◆ **Assignment**: In the records below, find the lines that include "Parade" and copy each.

=== Section Start ===

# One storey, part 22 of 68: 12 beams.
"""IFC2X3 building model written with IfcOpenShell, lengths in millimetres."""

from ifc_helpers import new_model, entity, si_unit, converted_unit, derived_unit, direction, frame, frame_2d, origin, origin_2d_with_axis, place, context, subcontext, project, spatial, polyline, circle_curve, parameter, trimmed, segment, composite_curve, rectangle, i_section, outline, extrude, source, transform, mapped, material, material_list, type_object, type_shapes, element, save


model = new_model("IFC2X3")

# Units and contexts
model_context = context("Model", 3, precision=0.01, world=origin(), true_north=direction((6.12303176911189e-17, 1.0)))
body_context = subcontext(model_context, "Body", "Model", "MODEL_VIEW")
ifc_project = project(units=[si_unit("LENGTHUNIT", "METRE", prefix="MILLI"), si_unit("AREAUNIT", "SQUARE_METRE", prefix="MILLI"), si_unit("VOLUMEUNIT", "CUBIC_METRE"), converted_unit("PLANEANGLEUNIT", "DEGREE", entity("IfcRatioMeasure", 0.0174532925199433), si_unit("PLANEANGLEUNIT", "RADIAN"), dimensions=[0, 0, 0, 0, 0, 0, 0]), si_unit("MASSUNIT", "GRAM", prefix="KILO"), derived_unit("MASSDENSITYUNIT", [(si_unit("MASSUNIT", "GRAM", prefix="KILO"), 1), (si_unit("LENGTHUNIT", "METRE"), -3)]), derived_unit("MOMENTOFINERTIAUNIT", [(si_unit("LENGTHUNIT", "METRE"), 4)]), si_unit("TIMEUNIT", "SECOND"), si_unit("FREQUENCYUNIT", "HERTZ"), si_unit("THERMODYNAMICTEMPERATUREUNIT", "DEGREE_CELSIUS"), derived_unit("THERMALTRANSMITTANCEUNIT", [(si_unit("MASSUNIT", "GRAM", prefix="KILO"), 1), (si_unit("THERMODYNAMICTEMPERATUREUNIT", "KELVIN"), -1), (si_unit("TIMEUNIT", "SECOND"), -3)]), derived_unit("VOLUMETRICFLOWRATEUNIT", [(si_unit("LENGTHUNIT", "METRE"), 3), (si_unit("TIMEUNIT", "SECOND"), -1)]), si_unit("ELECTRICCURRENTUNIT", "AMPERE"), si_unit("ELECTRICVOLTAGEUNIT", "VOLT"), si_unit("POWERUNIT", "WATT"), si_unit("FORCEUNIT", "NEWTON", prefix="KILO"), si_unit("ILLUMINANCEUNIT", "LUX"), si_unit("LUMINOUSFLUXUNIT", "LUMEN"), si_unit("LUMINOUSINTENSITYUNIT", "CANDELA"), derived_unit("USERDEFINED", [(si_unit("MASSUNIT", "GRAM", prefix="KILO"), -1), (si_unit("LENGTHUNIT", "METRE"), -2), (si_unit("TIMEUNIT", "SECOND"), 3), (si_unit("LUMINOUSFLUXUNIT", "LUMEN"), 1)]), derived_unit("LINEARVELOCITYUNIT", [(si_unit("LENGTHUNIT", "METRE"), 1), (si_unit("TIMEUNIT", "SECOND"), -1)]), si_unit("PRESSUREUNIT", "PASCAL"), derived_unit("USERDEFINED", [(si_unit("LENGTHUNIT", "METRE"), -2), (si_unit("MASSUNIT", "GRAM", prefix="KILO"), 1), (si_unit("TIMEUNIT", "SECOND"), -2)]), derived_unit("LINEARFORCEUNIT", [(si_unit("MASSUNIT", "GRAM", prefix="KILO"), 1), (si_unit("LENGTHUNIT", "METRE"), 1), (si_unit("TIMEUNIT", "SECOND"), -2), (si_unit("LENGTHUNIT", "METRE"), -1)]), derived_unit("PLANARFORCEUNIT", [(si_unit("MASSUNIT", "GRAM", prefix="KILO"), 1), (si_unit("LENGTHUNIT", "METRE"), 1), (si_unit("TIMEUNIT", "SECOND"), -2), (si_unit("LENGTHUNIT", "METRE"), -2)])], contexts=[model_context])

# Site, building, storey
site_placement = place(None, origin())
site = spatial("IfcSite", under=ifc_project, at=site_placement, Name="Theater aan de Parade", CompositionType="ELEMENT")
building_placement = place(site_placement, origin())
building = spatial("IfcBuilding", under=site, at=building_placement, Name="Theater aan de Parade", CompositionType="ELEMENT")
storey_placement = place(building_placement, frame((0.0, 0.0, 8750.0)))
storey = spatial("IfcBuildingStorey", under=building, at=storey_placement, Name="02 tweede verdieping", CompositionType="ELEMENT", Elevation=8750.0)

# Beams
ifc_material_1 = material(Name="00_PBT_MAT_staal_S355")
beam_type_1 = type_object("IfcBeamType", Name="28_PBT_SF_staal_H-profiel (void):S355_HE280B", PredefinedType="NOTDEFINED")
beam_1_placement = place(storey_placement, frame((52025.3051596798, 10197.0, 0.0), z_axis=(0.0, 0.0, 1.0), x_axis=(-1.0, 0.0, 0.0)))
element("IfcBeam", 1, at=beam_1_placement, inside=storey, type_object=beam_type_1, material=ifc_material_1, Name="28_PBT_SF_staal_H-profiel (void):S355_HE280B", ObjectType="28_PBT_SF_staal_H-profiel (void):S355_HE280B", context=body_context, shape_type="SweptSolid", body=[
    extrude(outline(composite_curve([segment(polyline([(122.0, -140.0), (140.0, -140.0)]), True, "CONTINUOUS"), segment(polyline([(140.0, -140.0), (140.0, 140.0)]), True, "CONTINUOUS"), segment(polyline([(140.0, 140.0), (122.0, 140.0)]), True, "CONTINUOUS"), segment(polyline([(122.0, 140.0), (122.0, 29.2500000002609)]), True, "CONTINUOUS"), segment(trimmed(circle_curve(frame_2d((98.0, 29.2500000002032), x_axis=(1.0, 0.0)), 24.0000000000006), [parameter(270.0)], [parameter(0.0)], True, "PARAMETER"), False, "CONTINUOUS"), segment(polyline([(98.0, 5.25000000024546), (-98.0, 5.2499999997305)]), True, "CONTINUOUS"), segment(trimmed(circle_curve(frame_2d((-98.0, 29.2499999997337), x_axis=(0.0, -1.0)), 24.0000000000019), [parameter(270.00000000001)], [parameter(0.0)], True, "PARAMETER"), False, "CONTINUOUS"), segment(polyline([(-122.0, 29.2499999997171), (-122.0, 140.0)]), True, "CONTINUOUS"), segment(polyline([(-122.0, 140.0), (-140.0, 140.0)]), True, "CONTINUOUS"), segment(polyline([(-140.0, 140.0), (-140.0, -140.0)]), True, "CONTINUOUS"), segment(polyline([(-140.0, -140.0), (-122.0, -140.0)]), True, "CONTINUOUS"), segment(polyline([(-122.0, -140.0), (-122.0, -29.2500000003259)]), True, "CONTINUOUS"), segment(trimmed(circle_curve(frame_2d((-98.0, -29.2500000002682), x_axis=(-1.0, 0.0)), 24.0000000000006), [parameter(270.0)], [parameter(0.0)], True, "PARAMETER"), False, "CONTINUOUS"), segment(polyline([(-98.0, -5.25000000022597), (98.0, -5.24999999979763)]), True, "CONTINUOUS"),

=== Section End ===

◆ **Answer box**:
site = spatial("IfcSite", under=ifc_project, at=site_placement, Name="Theater aan de Parade", CompositionType="ELEMENT")
building = spatial("IfcBuilding", under=site, at=building_placement, Name="Theater aan de Parade", CompositionType="ELEMENT")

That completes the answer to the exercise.